Exercise: Give back, word for word, the line that contains "built-in parameter 1005195" and every line that follows it in the data below.

Data for this task:
....

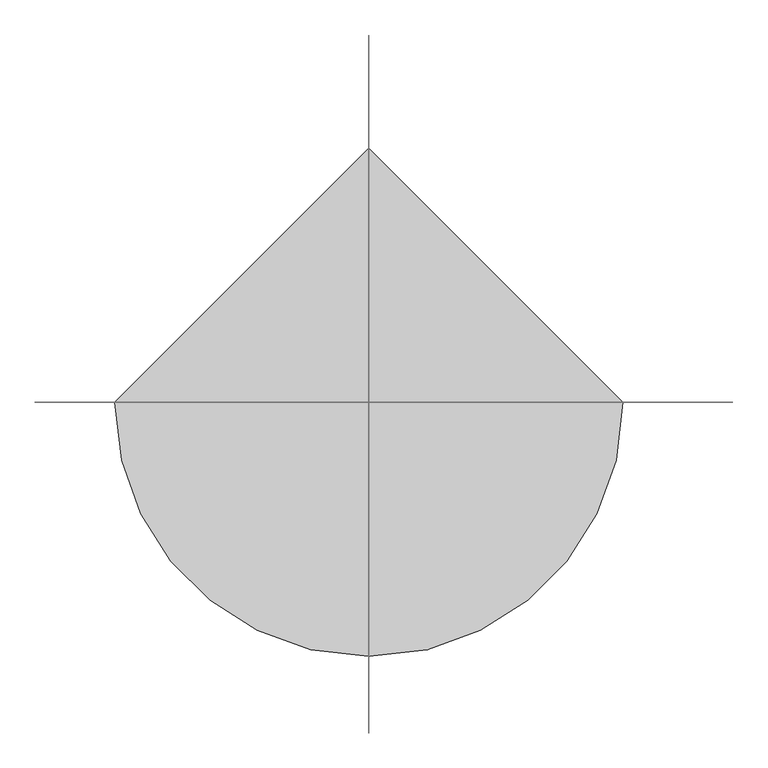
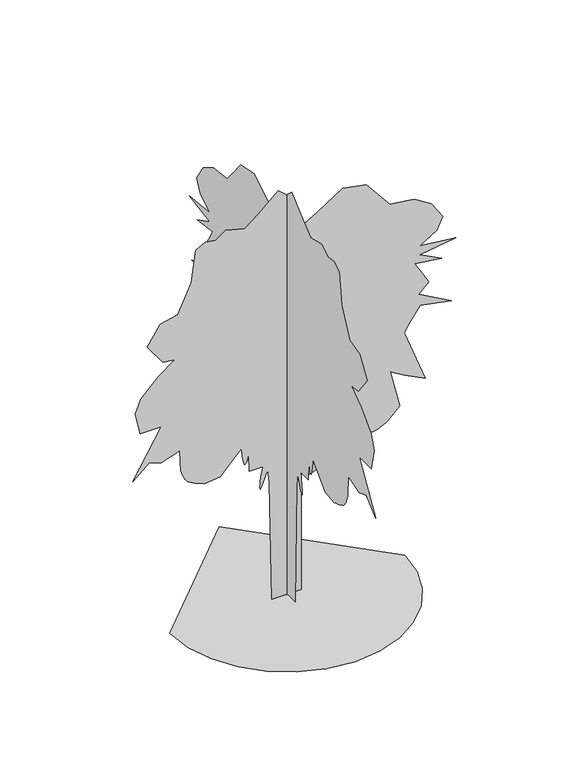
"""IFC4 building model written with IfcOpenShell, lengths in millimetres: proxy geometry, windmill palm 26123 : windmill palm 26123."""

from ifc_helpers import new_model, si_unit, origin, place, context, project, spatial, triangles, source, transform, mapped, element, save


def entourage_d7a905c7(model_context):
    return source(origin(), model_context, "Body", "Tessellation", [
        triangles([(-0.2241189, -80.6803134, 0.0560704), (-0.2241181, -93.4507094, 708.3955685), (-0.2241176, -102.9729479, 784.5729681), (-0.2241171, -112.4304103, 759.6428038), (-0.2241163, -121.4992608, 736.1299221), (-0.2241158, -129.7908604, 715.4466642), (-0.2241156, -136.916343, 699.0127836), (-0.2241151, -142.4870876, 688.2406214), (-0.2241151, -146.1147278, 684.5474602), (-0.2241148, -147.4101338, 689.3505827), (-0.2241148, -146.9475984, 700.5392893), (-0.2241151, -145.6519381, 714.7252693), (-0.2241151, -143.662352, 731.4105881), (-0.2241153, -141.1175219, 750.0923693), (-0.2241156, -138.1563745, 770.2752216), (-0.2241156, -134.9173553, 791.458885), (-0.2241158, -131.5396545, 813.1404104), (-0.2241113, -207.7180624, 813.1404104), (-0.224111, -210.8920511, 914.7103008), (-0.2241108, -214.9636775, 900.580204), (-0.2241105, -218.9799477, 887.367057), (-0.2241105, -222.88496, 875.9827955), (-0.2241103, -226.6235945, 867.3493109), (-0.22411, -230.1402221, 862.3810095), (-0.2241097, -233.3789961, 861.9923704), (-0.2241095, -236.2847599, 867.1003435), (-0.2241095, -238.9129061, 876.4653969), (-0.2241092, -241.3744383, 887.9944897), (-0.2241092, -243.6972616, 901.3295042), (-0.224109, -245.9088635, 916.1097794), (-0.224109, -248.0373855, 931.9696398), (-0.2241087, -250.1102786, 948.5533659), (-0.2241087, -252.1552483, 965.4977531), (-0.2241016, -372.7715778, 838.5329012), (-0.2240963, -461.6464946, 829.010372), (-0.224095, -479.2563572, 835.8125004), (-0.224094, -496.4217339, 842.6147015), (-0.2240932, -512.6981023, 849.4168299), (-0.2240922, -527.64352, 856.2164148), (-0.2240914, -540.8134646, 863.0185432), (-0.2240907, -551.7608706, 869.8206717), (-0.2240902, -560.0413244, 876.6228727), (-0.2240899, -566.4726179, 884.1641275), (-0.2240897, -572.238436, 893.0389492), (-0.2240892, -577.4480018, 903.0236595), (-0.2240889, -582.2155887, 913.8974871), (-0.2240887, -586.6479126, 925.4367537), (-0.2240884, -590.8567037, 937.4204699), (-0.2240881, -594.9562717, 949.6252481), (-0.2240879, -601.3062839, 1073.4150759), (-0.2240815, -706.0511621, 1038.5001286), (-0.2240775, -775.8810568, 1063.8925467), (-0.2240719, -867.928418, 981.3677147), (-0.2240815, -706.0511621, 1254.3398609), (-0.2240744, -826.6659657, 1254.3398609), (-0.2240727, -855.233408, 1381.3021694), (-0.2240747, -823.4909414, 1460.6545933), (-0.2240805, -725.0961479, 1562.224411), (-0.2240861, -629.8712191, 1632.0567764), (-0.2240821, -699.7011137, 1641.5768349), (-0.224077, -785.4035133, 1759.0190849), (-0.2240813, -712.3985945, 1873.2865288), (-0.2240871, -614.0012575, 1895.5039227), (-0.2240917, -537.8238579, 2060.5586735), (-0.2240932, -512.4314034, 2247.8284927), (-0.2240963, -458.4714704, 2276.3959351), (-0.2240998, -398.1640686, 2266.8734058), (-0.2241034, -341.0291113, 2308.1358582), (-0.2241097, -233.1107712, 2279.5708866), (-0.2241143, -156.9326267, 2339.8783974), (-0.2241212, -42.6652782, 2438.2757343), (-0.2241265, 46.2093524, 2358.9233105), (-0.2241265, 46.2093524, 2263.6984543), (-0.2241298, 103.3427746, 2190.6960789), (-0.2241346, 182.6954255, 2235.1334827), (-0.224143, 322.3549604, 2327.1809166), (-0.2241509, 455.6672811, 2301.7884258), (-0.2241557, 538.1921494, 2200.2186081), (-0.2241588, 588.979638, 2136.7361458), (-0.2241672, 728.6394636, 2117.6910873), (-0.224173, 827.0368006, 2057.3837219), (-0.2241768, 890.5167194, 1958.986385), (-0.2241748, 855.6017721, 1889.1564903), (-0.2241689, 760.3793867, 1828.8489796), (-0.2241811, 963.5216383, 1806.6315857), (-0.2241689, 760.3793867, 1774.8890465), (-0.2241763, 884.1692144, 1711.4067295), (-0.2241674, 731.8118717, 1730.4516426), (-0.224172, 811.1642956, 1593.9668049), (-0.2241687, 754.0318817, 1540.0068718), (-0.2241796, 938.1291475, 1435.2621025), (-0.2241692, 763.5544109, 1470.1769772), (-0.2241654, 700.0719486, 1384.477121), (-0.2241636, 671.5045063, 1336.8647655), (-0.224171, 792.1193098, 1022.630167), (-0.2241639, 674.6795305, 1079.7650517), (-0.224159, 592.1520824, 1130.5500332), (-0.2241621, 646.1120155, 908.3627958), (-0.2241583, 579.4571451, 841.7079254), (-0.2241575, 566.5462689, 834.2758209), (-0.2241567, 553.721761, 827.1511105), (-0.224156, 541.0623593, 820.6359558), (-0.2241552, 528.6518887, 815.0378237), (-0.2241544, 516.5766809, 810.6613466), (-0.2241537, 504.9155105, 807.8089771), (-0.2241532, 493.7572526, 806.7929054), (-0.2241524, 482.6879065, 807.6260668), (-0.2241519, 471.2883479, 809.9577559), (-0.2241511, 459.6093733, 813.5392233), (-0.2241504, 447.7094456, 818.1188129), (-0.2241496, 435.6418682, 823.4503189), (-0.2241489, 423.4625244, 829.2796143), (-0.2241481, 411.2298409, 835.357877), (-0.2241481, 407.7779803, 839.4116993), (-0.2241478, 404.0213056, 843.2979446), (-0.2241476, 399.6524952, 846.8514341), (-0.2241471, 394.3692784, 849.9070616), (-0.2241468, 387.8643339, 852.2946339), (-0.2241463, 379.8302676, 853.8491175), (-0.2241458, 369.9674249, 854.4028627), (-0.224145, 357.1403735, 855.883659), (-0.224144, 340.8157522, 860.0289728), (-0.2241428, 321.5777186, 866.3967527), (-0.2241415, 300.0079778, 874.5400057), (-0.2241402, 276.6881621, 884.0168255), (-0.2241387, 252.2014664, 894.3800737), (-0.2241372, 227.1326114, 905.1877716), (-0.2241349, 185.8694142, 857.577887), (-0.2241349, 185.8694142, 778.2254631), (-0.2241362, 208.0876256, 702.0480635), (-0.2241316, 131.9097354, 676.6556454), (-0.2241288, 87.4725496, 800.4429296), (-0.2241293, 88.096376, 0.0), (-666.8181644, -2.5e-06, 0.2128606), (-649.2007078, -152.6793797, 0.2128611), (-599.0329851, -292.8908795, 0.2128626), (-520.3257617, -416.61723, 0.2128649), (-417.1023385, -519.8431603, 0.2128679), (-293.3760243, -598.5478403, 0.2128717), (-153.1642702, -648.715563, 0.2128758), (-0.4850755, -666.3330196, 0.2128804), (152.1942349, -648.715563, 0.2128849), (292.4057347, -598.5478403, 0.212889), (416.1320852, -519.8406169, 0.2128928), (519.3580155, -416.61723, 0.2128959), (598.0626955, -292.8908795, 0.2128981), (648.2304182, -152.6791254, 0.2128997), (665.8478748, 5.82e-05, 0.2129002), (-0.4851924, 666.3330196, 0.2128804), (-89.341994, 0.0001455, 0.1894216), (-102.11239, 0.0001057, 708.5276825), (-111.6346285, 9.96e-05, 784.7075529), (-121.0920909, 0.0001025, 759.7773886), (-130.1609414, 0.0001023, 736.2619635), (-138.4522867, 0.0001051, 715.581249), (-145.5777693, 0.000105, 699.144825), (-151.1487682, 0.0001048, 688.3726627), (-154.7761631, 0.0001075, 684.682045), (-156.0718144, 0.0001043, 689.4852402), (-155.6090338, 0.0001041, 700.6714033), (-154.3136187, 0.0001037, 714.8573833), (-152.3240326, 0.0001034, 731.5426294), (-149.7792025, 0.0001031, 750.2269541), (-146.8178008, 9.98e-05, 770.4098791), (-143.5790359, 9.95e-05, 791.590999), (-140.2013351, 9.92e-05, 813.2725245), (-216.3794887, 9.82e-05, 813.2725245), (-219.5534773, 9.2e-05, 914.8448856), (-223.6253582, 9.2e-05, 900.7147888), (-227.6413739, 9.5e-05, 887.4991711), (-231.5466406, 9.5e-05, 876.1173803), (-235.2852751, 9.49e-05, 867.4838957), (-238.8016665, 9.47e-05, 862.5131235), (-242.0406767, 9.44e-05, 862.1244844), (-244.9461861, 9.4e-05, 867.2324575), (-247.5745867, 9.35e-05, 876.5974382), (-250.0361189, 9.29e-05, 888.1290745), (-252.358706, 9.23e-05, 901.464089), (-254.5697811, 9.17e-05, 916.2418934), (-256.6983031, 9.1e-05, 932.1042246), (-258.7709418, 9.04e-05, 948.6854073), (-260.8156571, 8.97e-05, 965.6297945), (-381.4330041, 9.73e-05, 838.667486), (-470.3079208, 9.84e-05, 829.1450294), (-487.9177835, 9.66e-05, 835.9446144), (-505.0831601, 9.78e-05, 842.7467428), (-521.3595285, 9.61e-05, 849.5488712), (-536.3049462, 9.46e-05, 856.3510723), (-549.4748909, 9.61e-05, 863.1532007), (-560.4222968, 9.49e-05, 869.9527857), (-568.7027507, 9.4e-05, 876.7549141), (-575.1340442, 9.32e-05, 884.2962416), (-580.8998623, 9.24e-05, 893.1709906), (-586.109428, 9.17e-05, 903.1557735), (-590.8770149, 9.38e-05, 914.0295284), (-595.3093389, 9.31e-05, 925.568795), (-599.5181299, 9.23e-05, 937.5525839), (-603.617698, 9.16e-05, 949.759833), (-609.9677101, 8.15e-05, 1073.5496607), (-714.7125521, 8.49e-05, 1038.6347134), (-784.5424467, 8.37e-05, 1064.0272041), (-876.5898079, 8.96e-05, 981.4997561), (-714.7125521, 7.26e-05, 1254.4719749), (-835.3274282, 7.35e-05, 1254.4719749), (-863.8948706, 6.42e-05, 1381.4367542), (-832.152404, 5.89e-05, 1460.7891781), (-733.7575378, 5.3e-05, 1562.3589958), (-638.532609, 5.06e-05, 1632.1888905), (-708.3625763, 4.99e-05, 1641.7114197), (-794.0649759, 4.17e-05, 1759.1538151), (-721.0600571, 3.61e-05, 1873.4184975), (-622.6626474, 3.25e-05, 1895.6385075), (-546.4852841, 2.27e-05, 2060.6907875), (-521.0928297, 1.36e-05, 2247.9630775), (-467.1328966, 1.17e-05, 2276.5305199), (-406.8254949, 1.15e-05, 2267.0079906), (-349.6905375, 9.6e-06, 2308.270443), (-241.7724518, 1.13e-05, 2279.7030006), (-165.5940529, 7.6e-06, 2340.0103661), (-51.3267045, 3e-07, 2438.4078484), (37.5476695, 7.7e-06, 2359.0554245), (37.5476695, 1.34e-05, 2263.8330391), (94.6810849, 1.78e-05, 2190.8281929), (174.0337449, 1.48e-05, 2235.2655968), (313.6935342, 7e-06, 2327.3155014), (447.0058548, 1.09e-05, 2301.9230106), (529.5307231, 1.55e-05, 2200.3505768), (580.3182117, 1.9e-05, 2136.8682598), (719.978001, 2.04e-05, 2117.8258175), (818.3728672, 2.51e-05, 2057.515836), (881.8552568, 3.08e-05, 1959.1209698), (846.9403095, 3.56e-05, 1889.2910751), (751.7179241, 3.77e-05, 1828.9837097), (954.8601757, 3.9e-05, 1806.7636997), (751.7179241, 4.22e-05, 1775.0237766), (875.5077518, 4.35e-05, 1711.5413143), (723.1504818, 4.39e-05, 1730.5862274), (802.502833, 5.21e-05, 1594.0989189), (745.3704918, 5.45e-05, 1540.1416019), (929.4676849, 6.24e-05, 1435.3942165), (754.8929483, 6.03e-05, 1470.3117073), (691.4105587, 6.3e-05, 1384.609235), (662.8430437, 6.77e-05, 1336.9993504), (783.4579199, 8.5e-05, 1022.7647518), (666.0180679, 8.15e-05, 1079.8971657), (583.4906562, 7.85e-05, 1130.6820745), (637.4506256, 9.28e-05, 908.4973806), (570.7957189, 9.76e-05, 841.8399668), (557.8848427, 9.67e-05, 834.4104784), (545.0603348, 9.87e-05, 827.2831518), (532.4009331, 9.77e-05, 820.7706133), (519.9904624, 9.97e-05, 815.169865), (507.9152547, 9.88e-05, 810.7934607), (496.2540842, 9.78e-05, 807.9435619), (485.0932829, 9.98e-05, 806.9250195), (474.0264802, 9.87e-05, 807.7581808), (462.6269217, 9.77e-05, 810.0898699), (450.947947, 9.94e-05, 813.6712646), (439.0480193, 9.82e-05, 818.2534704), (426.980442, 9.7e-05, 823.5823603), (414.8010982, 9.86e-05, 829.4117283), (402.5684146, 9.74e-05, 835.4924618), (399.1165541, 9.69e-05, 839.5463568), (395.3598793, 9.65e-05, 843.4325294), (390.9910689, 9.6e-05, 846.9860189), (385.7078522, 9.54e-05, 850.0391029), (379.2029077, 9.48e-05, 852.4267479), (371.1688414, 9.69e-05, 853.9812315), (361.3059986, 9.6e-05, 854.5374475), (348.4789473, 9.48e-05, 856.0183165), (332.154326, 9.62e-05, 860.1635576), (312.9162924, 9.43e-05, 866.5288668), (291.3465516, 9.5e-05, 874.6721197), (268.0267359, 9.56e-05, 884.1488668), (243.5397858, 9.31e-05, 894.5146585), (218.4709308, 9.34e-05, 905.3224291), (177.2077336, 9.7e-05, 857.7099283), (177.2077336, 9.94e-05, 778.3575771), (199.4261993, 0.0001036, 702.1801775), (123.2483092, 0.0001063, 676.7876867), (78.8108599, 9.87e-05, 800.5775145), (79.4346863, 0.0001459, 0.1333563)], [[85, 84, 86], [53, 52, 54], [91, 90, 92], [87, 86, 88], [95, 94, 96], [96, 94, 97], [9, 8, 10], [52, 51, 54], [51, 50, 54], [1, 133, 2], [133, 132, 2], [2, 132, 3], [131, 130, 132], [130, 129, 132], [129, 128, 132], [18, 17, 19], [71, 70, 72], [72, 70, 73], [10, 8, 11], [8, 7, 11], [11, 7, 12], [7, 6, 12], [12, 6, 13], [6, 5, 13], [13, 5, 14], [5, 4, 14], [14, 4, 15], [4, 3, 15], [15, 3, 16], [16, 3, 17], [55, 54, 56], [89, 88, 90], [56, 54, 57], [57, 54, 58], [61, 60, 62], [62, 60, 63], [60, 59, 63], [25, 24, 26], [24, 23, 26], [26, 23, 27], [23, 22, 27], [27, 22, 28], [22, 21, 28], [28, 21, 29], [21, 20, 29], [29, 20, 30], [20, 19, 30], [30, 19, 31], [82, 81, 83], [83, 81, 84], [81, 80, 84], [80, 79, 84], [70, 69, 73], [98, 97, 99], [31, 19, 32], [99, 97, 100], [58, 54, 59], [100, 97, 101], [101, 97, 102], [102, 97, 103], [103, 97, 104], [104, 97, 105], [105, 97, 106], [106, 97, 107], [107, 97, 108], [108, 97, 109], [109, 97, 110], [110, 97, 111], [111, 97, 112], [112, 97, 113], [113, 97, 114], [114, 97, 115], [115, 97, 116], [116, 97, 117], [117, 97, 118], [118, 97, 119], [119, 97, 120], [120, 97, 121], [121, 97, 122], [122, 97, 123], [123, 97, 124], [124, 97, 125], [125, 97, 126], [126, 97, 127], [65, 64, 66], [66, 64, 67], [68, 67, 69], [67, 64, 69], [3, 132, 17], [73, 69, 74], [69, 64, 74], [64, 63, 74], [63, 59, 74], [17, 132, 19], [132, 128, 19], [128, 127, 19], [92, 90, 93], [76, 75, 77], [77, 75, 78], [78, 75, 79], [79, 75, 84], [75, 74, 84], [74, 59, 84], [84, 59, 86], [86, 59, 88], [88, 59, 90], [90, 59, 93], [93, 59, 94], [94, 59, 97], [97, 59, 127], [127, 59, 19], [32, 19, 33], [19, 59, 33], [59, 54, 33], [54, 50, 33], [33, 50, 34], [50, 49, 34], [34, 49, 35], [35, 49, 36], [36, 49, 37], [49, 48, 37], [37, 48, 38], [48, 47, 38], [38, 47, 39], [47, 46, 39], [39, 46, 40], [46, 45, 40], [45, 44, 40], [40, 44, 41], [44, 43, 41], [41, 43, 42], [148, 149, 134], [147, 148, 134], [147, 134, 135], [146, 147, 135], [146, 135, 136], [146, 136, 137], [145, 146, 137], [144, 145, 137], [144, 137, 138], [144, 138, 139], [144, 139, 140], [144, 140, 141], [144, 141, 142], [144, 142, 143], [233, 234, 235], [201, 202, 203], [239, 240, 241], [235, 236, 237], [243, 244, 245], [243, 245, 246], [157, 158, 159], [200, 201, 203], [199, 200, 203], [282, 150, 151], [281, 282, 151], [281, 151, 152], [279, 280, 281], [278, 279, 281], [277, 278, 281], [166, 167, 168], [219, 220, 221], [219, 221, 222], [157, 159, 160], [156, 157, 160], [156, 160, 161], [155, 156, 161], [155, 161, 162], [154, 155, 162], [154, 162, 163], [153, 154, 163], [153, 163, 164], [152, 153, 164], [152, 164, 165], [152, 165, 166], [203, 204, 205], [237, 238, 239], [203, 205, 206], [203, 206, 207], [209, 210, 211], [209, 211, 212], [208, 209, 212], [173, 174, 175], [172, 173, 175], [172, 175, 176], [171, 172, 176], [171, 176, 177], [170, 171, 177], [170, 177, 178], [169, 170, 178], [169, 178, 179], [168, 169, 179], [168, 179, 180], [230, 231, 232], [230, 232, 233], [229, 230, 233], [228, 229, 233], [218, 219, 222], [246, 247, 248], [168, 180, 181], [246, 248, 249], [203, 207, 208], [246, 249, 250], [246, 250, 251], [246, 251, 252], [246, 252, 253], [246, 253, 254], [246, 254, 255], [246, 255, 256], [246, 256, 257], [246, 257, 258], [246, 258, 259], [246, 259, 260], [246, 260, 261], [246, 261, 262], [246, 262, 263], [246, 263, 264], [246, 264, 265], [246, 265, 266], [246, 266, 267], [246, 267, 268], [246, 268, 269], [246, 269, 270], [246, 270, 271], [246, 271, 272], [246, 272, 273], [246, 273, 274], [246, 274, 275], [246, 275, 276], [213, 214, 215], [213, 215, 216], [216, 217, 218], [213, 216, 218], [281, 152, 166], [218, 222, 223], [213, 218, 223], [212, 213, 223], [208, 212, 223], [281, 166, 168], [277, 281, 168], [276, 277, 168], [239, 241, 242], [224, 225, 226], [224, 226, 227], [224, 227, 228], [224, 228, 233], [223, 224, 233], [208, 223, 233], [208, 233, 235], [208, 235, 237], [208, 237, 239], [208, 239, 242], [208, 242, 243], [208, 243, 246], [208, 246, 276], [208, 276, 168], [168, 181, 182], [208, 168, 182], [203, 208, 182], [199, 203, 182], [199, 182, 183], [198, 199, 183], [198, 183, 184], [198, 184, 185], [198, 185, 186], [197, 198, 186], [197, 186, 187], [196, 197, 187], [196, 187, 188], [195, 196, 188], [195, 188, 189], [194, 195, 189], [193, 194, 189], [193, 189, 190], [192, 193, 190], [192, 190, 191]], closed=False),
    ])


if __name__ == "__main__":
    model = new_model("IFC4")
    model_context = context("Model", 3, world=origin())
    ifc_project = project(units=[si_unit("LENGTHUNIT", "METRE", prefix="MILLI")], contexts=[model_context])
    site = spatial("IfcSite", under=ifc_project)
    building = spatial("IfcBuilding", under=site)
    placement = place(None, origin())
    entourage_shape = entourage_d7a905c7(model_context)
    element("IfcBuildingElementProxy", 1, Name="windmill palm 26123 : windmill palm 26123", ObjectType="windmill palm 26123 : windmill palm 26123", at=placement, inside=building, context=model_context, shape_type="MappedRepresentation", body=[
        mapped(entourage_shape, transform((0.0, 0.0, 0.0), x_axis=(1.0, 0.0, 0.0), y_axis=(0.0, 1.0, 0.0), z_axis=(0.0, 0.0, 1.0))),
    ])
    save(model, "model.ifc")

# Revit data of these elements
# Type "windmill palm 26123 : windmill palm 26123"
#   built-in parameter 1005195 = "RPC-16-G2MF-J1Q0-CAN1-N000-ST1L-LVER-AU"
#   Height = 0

....

Task response:
#   built-in parameter 1005195 = "RPC-16-G2MF-J1Q0-CAN1-N000-ST1L-LVER-AU"
#   Height = 0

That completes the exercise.